→ **Aim of the exercise**: Although pictures appear in the entries below, leave them out and print exactly the lines from the first line through the line containing "# Site, building, storey".
╭─ Entries provided
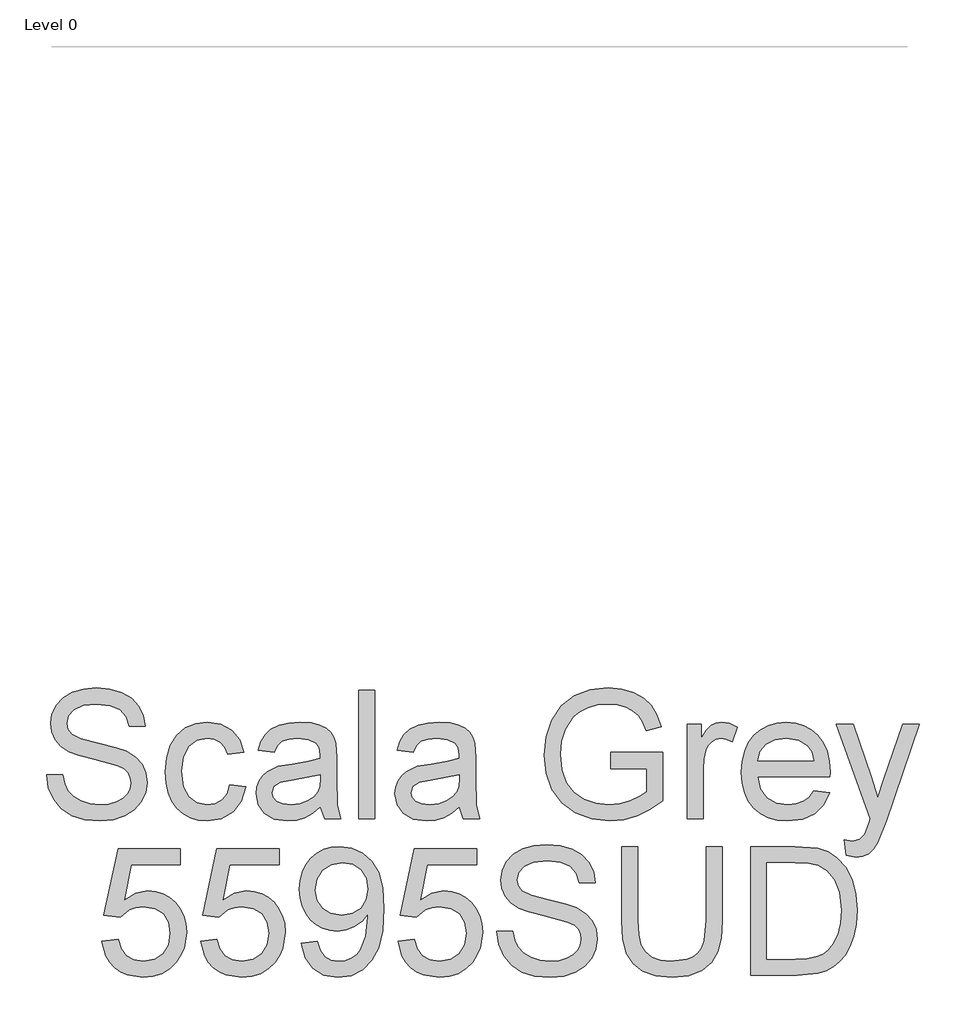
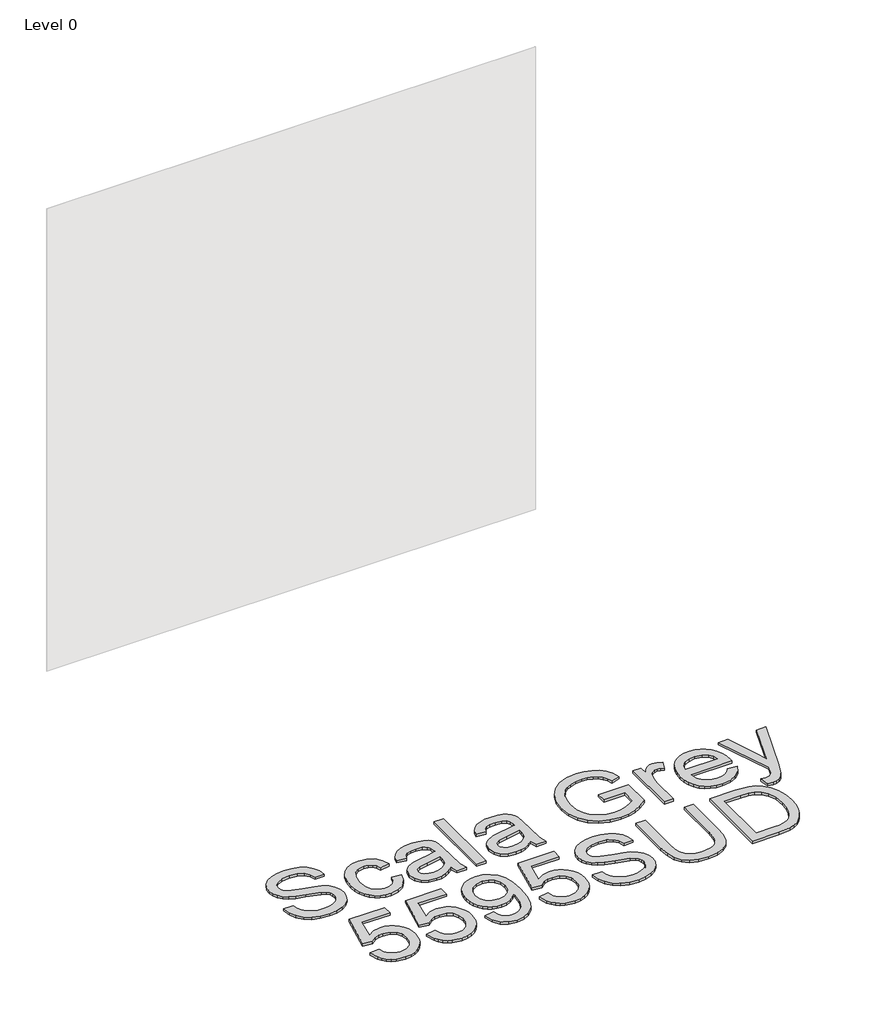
# One storey, part 15 of 29: 1 proxy.
"""IFC4 building model written with IfcOpenShell, lengths in millimetres."""

from ifc_helpers import new_model, si_unit, origin, origin_with_axes, place, context, project, spatial, polyline, outline, extrude, element, save

model = new_model("IFC4")

# Units and contexts
model_context = context("Model", 3, world=origin())
ifc_project = project(units=[si_unit("LENGTHUNIT", "METRE", prefix="MILLI")], contexts=[model_context])

# Site, building, storey
site = spatial("IfcSite", under=ifc_project)
building = spatial("IfcBuilding", under=site)
storey = spatial("IfcBuildingStorey", under=building, Name="Level 0", Elevation=0.0)

# Proxy
placement = place(None, origin())
element("IfcBuildingElementProxy", 1, Name="300mm Arial", ObjectType="300mm Arial", at=placement, inside=storey, context=model_context, shape_type="SweptSolid", body=[
    extrude(outline(polyline([(4636.930693, -16909.2649241), (4674.6018093, -16909.2649241), (4678.9244227, -16930.1698185), (4686.7419151, -16946.9728286), (4698.9372033, -16960.308551), (4716.3932039, -16970.8115819), (4737.7303596, -16977.6265959), (4761.5691129, -16979.8982672), (4782.5567808, -16978.1784189), (4800.9324864, -16973.0188739), (4815.8225102, -16964.8518936), (4826.3531323, -16954.1097394), (4832.6163233, -16941.7764955), (4834.7040536, -16928.8362463), (4833.1405551, -16916.2270909), (4828.4500597, -16905.3285868), (4818.921916, -16896.0303694), (4802.8454728, -16888.222074), (4747.9942673, -16873.837888), (4711.987817, -16864.3189414), (4688.9492071, -16855.2598472), (4670.1964224, -16842.5863125), (4656.9066853, -16827.2272392), (4648.9880254, -16809.5137211), (4646.348472, -16789.7768521), (4649.6134247, -16767.7131294), (4659.4082829, -16747.1393289), (4675.475529, -16729.7017223), (4697.5576458, -16717.0465817), (4724.0635435, -16709.3486509), (4753.4021326, -16706.782674), (4785.187137, -16709.4682126), (4812.9990159, -16717.5248283), (4835.8444878, -16730.7869742), (4852.7302713, -16749.0891034), (4863.4172433, -16771.2907818), (4867.6662803, -16796.2515752), (4829.995164, -16796.2515752), (4823.0789825, -16773.7739853), (4808.6580083, -16757.5503893), (4786.1252361, -16747.7279401), (4754.8736606, -16744.4537903), (4722.8863211, -16747.6911519), (4700.9421601, -16757.4032365), (4688.2502313, -16771.695452), (4684.0195883, -16788.6732061), (4687.0178266, -16803.1493626), (4696.0125414, -16814.7928278), (4717.2761207, -16825.2038882), (4757.522411, -16835.8356779), (4799.0562882, -16845.9340387), (4824.1826285, -16854.7448125), (4845.65774, -16868.4116286), (4860.6397342, -16885.2790181), (4869.441311, -16905.1630399), (4872.3751699, -16927.8797531), (4868.9998526, -16951.102304), (4858.8739007, -16972.9452975), (4842.4111814, -16991.7440675), (4820.025562, -17005.8339479), (4793.105797, -17014.6355246), (4763.0406409, -17017.5693835), (4726.1328797, -17014.4055984), (4695.755024, -17004.9142429), (4671.5575858, -16989.0585289), (4653.1910772, -16966.8016682), (4641.4004592, -16939.6887651), (4636.930693, -16909.2649241)])), origin_with_axes(), (0.0, 0.0, 1.0), 10.0),
    extrude(outline(polyline([(5065.4396409, -16932.8093718), (5103.1107573, -16937.5182614), (5092.6077263, -16971.0231141), (5072.8708573, -16996.3425924), (5045.7579542, -17012.2626857), (5013.1268212, -17017.5693835), (4991.9988984, -17015.7184772), (4973.0552749, -17010.1657584), (4956.2959508, -17000.9112269), (4941.720926, -16987.9548829), (4929.9234102, -16971.5404481), (4921.4966133, -16951.9116444), (4916.4405351, -16929.0684718), (4914.7551757, -16903.0109302), (4917.6338523, -16869.4876834), (4926.2698822, -16840.4342028), (4940.801221, -16816.9725286), (4961.3658245, -16800.2247008), (4985.9679329, -16790.1815223), (5012.6117864, -16786.8337961), (5044.4427761, -16791.4323211), (5069.8910131, -16805.2278959), (5088.1471571, -16827.4847566), (5098.4018677, -16857.4671392), (5060.7307514, -16862.1760288), (5053.8973433, -16845.7409006), (5043.2563566, -16833.9594797), (5029.3964025, -16826.8685543), (5012.906092, -16824.5049125), (4988.561501, -16829.1586197), (4969.2384992, -16843.1197414), (4956.6293438, -16867.1424357), (4952.426292, -16901.9808606), (4956.5373733, -16937.2883351), (4968.8706172, -16961.3938029), (4987.8441311, -16975.2721511), (5011.8760225, -16979.8982672), (5031.3829652, -16977.0103936), (5047.376635, -16968.3467726), (5059.0109031, -16953.6866751), (5065.4396409, -16932.8093718)])), origin_with_axes(), (0.0, 0.0, 1.0), 10.0),
    extrude(outline(polyline([(5277.3396702, -16984.6071568), (5259.3410436, -17000.0398064), (5240.808988, -17010.1381672), (5221.3204394, -17015.7115794), (5200.4523332, -17017.5693835), (5168.9708314, -17013.0996173), (5145.7482805, -16999.6903186), (5131.4284738, -16979.3280501), (5126.6552049, -16953.9993748), (5128.4578267, -16938.3827841), (5133.8656921, -16924.2009331), (5142.2074163, -16912.0608273), (5152.8116148, -16902.5694718), (5179.1887539, -16890.2086368), (5211.7830986, -16884.5432541), (5250.3003435, -16878.5835657), (5277.118941, -16871.5938078), (5277.3396702, -16863.2060983), (5274.7461021, -16846.3938912), (5266.9653979, -16835.3942195), (5249.5645795, -16827.2272392), (5225.3211561, -16824.5049125), (5202.8803543, -16826.3167313), (5187.2085814, -16831.7521878), (5176.5216094, -16841.8045633), (5169.0352108, -16857.4671392), (5131.3640945, -16852.7582497), (5137.9031969, -16832.156858), (5147.6612669, -16815.9700502), (5161.5488122, -16803.590821), (5180.4763408, -16794.4121652), (5203.6253154, -16788.7283884), (5230.1771984, -16786.8337961), (5255.6438295, -16788.5076592), (5275.831354, -16793.5292485), (5291.0524715, -16801.0800264), (5301.6198819, -16810.3414556), (5308.6280339, -16821.7917827), (5313.1713765, -16835.9092543), (5315.0107865, -16868.8714811), (5315.0107865, -16915.7396473), (5316.9237729, -16981.1858542), (5324.4285656, -17012.860494), (5286.7574492, -17012.860494), (5277.3396702, -16984.6071568)]), holes=[polyline([(5277.3396702, -16909.2649241), (5216.5655646, -16920.8164188), (5184.1551608, -16926.9232599), (5169.4766692, -16936.8560738), (5164.3263213, -16951.3506244), (5167.1314215, -16962.5526311), (5175.5467221, -16971.7312869), (5189.3882822, -16977.8565221), (5208.4721607, -16979.8982672), (5228.7056704, -16977.64499), (5246.5847354, -16970.8851583), (5261.079286, -16960.9247533), (5271.1592527, -16949.069756), (5275.6290189, -16936.8560738), (5277.118941, -16919.933502), (5277.3396702, -16909.2649241)])]), origin_with_axes(), (0.0, 0.0, 1.0), 10.0),
    extrude(outline(polyline([(5366.8085714, -17012.860494), (5366.8085714, -16711.4915635), (5404.4796877, -16711.4915635), (5404.4796877, -17012.860494), (5366.8085714, -17012.860494)])), origin_with_axes(), (0.0, 0.0, 1.0), 10.0),
    extrude(outline(polyline([(5602.2530483, -16984.6071568), (5584.2544217, -17000.0398064), (5565.7223662, -17010.1381672), (5546.2338175, -17015.7115794), (5525.3657113, -17017.5693835), (5493.8842096, -17013.0996173), (5470.6616586, -16999.6903186), (5456.341852, -16979.3280501), (5451.5685831, -16953.9993748), (5453.3712049, -16938.3827841), (5458.7790702, -16924.2009331), (5467.1207944, -16912.0608273), (5477.7249929, -16902.5694718), (5504.102132, -16890.2086368), (5536.6964768, -16884.5432541), (5575.2137217, -16878.5835657), (5602.0323191, -16871.5938078), (5602.2530483, -16863.2060983), (5599.6594802, -16846.3938912), (5591.878776, -16835.3942195), (5574.4779577, -16827.2272392), (5550.2345342, -16824.5049125), (5527.7937325, -16826.3167313), (5512.1219595, -16831.7521878), (5501.4349875, -16841.8045633), (5493.9485889, -16857.4671392), (5456.2774726, -16852.7582497), (5462.8165751, -16832.156858), (5472.574645, -16815.9700502), (5486.4621903, -16803.590821), (5505.389719, -16794.4121652), (5528.5386935, -16788.7283884), (5555.0905765, -16786.8337961), (5580.5572076, -16788.5076592), (5600.7447321, -16793.5292485), (5615.9658497, -16801.0800264), (5626.53326, -16810.3414556), (5633.541412, -16821.7917827), (5638.0847546, -16835.9092543), (5639.9241646, -16868.8714811), (5639.9241646, -16915.7396473), (5641.837151, -16981.1858542), (5649.3419437, -17012.860494), (5611.6708274, -17012.860494), (5602.2530483, -16984.6071568)]), holes=[polyline([(5602.2530483, -16909.2649241), (5541.4789427, -16920.8164188), (5509.0685389, -16926.9232599), (5494.3900473, -16936.8560738), (5489.2396994, -16951.3506244), (5492.0447996, -16962.5526311), (5500.4601002, -16971.7312869), (5514.3016603, -16977.8565221), (5533.3855388, -16979.8982672), (5553.6190485, -16977.64499), (5571.4981135, -16970.8851583), (5585.9926641, -16960.9247533), (5596.0726308, -16949.069756), (5600.542397, -16936.8560738), (5602.0323191, -16919.933502), (5602.2530483, -16909.2649241)])]), origin_with_axes(), (0.0, 0.0, 1.0), 10.0),
    extrude(outline(polyline([(5955.4197637, -16895.1382555), (5955.4197637, -16857.4671392), (6077.8508917, -16857.4671392), (6077.8508917, -16970.1126061), (6048.0984353, -16990.8059684), (6017.4078799, -17005.6500069), (5985.8528017, -17014.5895394), (5953.5067773, -17017.5693835), (5911.2463331, -17012.8329028), (5873.050985, -16998.6234608), (5841.3211629, -16975.437698), (5818.4572969, -16943.7722553), (5804.6341309, -16905.7884393), (5800.0264089, -16863.6475567), (5804.6157368, -16821.2031715), (5818.3837205, -16781.7202364), (5840.7601428, -16748.6016598), (5871.1747868, -16725.2503502), (5908.2205037, -16711.399593), (5950.4901449, -16706.782674), (5981.5209912, -16709.4590155), (6009.4248406, -16717.4880401), (6032.923303, -16730.2903335), (6050.7379886, -16747.2864817), (6063.9173611, -16769.295022), (6073.5098841, -16797.134492), (6038.7818238, -16806.9201531), (6031.0287107, -16787.0637224), (6021.6017346, -16772.0817281), (6009.130535, -16760.7877509), (5992.2447514, -16751.9953712), (5972.1124092, -16746.3391855), (5949.9015338, -16744.4537903), (5923.9014737, -16746.4863383), (5901.6722042, -16752.5839824), (5883.2964985, -16761.9833674), (5868.8571302, -16773.9211381), (5849.4697491, -16802.9470275), (5840.6405812, -16831.3843058), (5837.6975252, -16862.1024524), (5841.2383894, -16898.1272967), (5851.860982, -16927.7693885), (5869.2434063, -16950.8171955), (5893.0637655, -16967.0591856), (5920.9400237, -16976.6884968), (5950.4901449, -16979.8982672), (5976.5821755, -16977.4794431), (6002.0304125, -16970.2229707), (6024.1309233, -16960.2257775), (6040.1797754, -16949.5847908), (6040.1797754, -16895.1382555), (5955.4197637, -16895.1382555)])), origin_with_axes(), (0.0, 0.0, 1.0), 10.0),
    extrude(outline(polyline([(6134.3575661, -17012.860494), (6134.3575661, -16791.5426857), (6167.3197929, -16791.5426857), (6167.3197929, -16824.2841833), (6179.4966869, -16805.3014723), (6190.7170878, -16794.1178596), (6201.9742768, -16788.654812), (6214.2615355, -16786.8337961), (6233.0235172, -16789.7400639), (6252.0798046, -16798.4588672), (6239.4982404, -16832.2304343), (6226.2544885, -16826.4362929), (6213.0107367, -16824.5049125), (6201.7627447, -16826.3627165), (6191.7103692, -16831.9361288), (6183.5893741, -16840.8020848), (6178.1355236, -16852.5375205), (6173.5553927, -16873.5803706), (6172.0286824, -16896.5362071), (6172.0286824, -17012.860494), (6134.3575661, -17012.860494)])), origin_with_axes(), (0.0, 0.0, 1.0), 10.0),
    extrude(outline(polyline([(6430.5761487, -16946.9360404), (6467.511501, -16951.64493), (6454.2033698, -16979.4752029), (6432.9673816, -17000.2789297), (6404.281783, -17013.2467701), (6368.6248207, -17017.5693835), (6345.2505184, -17015.7046817), (6324.4237989, -17010.1105761), (6306.1446623, -17000.7870668), (6290.4131085, -16987.7341537), (6277.7625664, -16971.3151204), (6268.7264649, -16951.8932503), (6263.304804, -16929.4685435), (6261.4975837, -16904.0409998), (6263.3231981, -16877.7512327), (6268.8000413, -16854.5792656), (6277.9281133, -16834.5250983), (6290.7074141, -16817.5887309), (6306.3975812, -16804.133447), (6324.258252, -16794.5225298), (6344.2894267, -16788.7559796), (6366.4911051, -16786.8337961), (6387.9777129, -16788.751381), (6407.40878, -16794.5041357), (6424.7843065, -16804.0920602), (6440.1042923, -16817.5151545), (6452.6099809, -16834.4147337), (6461.5426156, -16854.4321128), (6466.9021964, -16877.5672917), (6468.6887234, -16903.8202706), (6468.4679942, -16913.9738137), (6299.1687, -16913.9738137), (6305.6894083, -16942.1719686), (6320.8369495, -16962.902119), (6342.6983371, -16975.6492302), (6369.3605847, -16979.8982672), (6389.4101534, -16977.9300985), (6406.295937, -16972.0255925), (6420.0179354, -16961.8168672), (6430.5761487, -16946.9360404)]), holes=[polyline([(6299.1687, -16876.3026974), (6431.017607, -16876.3026974), (6425.9224414, -16856.4002814), (6415.9344452, -16842.1632482), (6393.9718901, -16828.9194964), (6366.3439523, -16824.5049125), (6340.9508976, -16828.0273826), (6319.9540327, -16838.5947929), (6305.3583145, -16855.0667092), (6299.1687, -16876.3026974)])]), origin_with_axes(), (0.0, 0.0, 1.0), 10.0),
    extrude(outline(polyline([(6506.3598397, -17097.6205057), (6501.6509501, -17061.3473409), (6520.7808139, -17064.6582789), (6538.6598788, -17060.5012124), (6549.6227623, -17048.9129295), (6559.9234582, -17021.1746271), (6562.8665141, -17012.0511536), (6482.815392, -16791.5426857), (6522.5466474, -16791.5426857), (6565.0002297, -16914.4152721), (6579.7890859, -16963.5643066), (6594.5779421, -16920.1542312), (6638.2087467, -16791.5426857), (6677.6456966, -16791.5426857), (6600.6112068, -17018.1579947), (6580.5984263, -17067.3070293), (6570.3529127, -17082.9971964), (6558.7462358, -17093.8681093), (6545.2633606, -17100.2140737), (6529.3892526, -17102.3293952), (6506.3598397, -17097.6205057)])), origin_with_axes(), (0.0, 0.0, 1.0), 10.0),
    extrude(outline(polyline([(4766.4251553, -17298.7338254), (4804.0962716, -17294.0249358), (4811.0124531, -17316.6404815), (4823.0789825, -17332.8364863), (4840.2406776, -17342.5761621), (4862.442356, -17345.8227207), (4889.4448945, -17341.3069693), (4909.6784042, -17327.7597148), (4922.3151507, -17306.7444558), (4926.5273996, -17279.8246908), (4922.5818652, -17254.4776213), (4910.745262, -17235.0902402), (4890.9256195, -17222.7845875), (4863.0309672, -17218.6827032), (4844.7564291, -17220.3197781), (4829.9583758, -17225.2310027), (4808.8051611, -17242.2271509), (4771.1340448, -17237.5182614), (4804.0962716, -17082.1249066), (4950.0718473, -17082.1249066), (4950.0718473, -17119.7960229), (4834.5569008, -17119.7960229), (4818.4436694, -17202.790201), (4845.3542373, -17186.4562404), (4873.5523923, -17181.0115869), (4891.8982075, -17182.6992456), (4908.7495022, -17187.7622215), (4924.1062762, -17196.2005148), (4937.9685296, -17208.0141254), (4949.4441486, -17222.4810848), (4957.6410193, -17238.8794248), (4962.5591417, -17257.2091452), (4964.1985159, -17277.470246), (4958.2940099, -17315.1413624), (4950.9133773, -17331.9351754), (4940.5804918, -17347.3678251), (4924.9271129, -17363.1729553), (4906.6617718, -17374.4623341), (4885.7844686, -17381.2359613), (4862.2952032, -17383.4938371), (4825.2954715, -17377.6904986), (4809.6168008, -17370.4363255), (4795.8189267, -17360.2804832), (4784.3387092, -17347.7288093), (4775.6130081, -17333.2871418), (4766.4251553, -17298.7338254)])), origin_with_axes(), (0.0, 0.0, 1.0), 10.0),
    extrude(outline(polyline([(4997.1607426, -17298.7338254), (5034.8318589, -17294.0249358), (5041.7480405, -17316.6404815), (5053.8145699, -17332.8364863), (5070.976265, -17342.5761621), (5093.1779434, -17345.8227207), (5120.1804818, -17341.3069693), (5140.4139916, -17327.7597148), (5153.0507381, -17306.7444558), (5157.2629869, -17279.8246908), (5153.3174525, -17254.4776213), (5141.4808494, -17235.0902402), (5121.6612069, -17222.7845875), (5093.7665546, -17218.6827032), (5075.4920165, -17220.3197781), (5060.6939632, -17225.2310027), (5039.5407485, -17242.2271509), (5001.8696322, -17237.5182614), (5034.8318589, -17082.1249066), (5180.8074346, -17082.1249066), (5180.8074346, -17119.7960229), (5065.2924881, -17119.7960229), (5049.1792568, -17202.790201), (5076.0898247, -17186.4562404), (5104.2879796, -17181.0115869), (5122.6337949, -17182.6992456), (5139.4850895, -17187.7622215), (5154.8418636, -17196.2005148), (5168.704117, -17208.0141254), (5180.179736, -17222.4810848), (5188.3766067, -17238.8794248), (5193.2947291, -17257.2091452), (5194.9341033, -17277.470246), (5189.0295972, -17315.1413624), (5181.6489647, -17331.9351754), (5171.3160792, -17347.3678251), (5155.6627003, -17363.1729553), (5137.3973592, -17374.4623341), (5116.520056, -17381.2359613), (5093.0307906, -17383.4938371), (5056.0310589, -17377.6904986), (5040.3523881, -17370.4363255), (5026.5545141, -17360.2804832), (5015.0742965, -17347.7288093), (5006.3485955, -17333.2871418), (4997.1607426, -17298.7338254)])), origin_with_axes(), (0.0, 0.0, 1.0), 10.0),
    extrude(outline(polyline([(5232.6052196, -17303.4427149), (5270.2763359, -17298.7338254), (5276.7142708, -17320.1169663), (5287.1989076, -17334.6758963), (5301.4727291, -17343.0360146), (5319.2782176, -17345.8227207), (5335.2534933, -17344.029296), (5349.775635, -17338.6490218), (5361.8421645, -17330.2705094), (5370.4506031, -17319.4823699), (5382.77465, -17286.7408723), (5388.2193035, -17243.0364913), (5387.9985743, -17235.6788514), (5374.9479605, -17251.6081418), (5357.8690389, -17264.2264942), (5337.9942141, -17272.4486568), (5316.5558909, -17275.1893777), (5298.6607311, -17273.5155146), (5282.2049096, -17268.4939254), (5267.1884264, -17260.12461), (5253.6112815, -17248.4075684), (5242.3609902, -17233.9544045), (5234.3250679, -17217.3767221), (5229.5035145, -17198.6745212), (5227.89633, -17177.8478018), (5229.5816894, -17156.326705), (5234.6377676, -17137.0129003), (5243.0645645, -17119.9063875), (5254.8620803, -17105.0071667), (5269.1979818, -17092.9360387), (5285.239936, -17084.3138045), (5302.987943, -17079.1404639), (5322.4420028, -17077.4160171), (5350.5389902, -17081.3523544), (5376.1159859, -17093.1613665), (5397.5083239, -17112.254442), (5413.0513382, -17138.0429699), (5422.5151025, -17173.6907352), (5425.6696906, -17222.3615232), (5422.5242996, -17273.96617), (5413.0881264, -17313.8537754), (5397.4439445, -17343.8269609), (5375.6745275, -17365.6883485), (5348.7179743, -17379.0424649), (5317.512384, -17383.4938371), (5285.3043154, -17378.2423216), (5259.607758, -17362.4877751), (5241.6367225, -17337.2234791), (5232.6052196, -17303.4427149)]), holes=[polyline([(5387.9985743, -17176.964885), (5383.9334783, -17151.4338745), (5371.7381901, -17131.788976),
╰─
→ **Answer section**:
# One storey, part 15 of 29: 1 proxy.
"""IFC4 building model written with IfcOpenShell, lengths in millimetres."""

from ifc_helpers import new_model, si_unit, origin, origin_with_axes, place, context, project, spatial, polyline, outline, extrude, element, save

model = new_model("IFC4")

# Units and contexts
model_context = context("Model", 3, world=origin())
ifc_project = project(units=[si_unit("LENGTHUNIT", "METRE", prefix="MILLI")], contexts=[model_context])

# Site, building, storey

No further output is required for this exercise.